WORK REQUEST
Which lines of the entries contain the word "hole"? Please list them.

THE DATA
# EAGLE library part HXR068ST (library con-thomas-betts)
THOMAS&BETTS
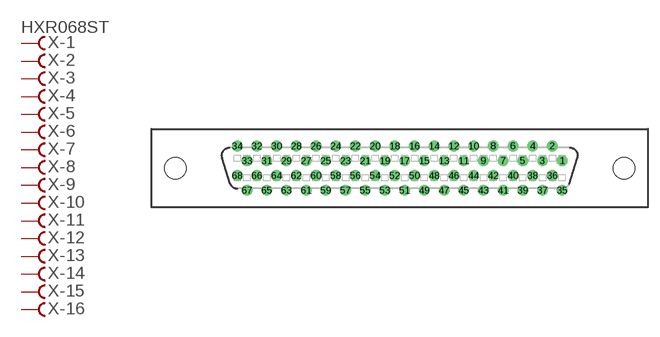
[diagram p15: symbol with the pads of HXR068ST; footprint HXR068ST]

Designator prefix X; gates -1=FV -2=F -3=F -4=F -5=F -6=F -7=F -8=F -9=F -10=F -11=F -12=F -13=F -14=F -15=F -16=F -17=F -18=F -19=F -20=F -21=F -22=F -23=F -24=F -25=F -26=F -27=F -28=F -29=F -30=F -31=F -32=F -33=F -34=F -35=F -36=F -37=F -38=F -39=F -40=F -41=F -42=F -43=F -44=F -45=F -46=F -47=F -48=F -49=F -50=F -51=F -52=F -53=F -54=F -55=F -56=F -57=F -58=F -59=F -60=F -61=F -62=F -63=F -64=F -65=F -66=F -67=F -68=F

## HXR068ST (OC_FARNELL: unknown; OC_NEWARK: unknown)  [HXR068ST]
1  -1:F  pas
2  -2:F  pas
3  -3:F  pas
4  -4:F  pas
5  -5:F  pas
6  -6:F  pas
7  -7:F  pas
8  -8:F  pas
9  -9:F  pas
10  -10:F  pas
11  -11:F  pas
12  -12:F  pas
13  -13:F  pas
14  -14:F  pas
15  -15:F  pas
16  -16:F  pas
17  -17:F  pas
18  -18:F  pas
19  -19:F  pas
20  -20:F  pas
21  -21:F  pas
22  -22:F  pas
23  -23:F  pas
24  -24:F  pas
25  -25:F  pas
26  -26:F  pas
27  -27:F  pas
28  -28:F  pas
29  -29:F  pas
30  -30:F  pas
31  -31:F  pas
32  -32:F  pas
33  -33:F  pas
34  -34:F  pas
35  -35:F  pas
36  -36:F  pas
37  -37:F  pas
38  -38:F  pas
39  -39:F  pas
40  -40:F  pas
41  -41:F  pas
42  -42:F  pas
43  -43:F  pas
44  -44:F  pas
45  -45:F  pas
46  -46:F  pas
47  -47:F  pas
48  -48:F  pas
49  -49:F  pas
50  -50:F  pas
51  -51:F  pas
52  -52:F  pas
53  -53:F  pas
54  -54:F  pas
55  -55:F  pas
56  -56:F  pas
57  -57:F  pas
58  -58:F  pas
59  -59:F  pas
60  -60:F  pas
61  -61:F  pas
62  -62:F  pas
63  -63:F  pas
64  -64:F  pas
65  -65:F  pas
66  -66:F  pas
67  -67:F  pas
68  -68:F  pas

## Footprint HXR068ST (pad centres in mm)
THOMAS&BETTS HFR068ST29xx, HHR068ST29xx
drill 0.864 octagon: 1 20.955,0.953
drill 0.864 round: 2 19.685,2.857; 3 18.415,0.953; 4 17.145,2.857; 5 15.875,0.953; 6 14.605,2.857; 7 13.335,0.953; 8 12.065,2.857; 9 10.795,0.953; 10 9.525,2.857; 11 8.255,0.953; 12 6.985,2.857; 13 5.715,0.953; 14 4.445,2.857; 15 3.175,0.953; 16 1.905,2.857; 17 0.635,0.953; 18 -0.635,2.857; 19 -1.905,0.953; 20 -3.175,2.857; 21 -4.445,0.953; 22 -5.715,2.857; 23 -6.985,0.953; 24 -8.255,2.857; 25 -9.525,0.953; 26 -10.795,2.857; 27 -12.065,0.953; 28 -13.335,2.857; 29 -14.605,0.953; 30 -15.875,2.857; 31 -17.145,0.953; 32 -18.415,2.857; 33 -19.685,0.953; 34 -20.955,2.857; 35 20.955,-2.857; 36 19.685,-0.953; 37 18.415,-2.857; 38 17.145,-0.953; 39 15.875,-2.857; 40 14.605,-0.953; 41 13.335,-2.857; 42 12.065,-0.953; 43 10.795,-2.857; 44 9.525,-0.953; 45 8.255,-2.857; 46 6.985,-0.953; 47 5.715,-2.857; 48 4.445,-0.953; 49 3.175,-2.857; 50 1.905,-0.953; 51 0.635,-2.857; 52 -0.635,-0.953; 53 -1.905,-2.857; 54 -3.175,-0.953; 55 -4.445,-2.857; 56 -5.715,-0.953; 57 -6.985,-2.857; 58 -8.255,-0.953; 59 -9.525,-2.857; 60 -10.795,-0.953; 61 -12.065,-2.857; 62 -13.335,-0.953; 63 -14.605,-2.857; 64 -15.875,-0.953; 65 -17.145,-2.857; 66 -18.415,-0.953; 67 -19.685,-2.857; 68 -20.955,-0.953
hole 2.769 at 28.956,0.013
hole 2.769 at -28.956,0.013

WRITTEN SOLUTION
hole 2.769 at 28.956,0.013
hole 2.769 at -28.956,0.013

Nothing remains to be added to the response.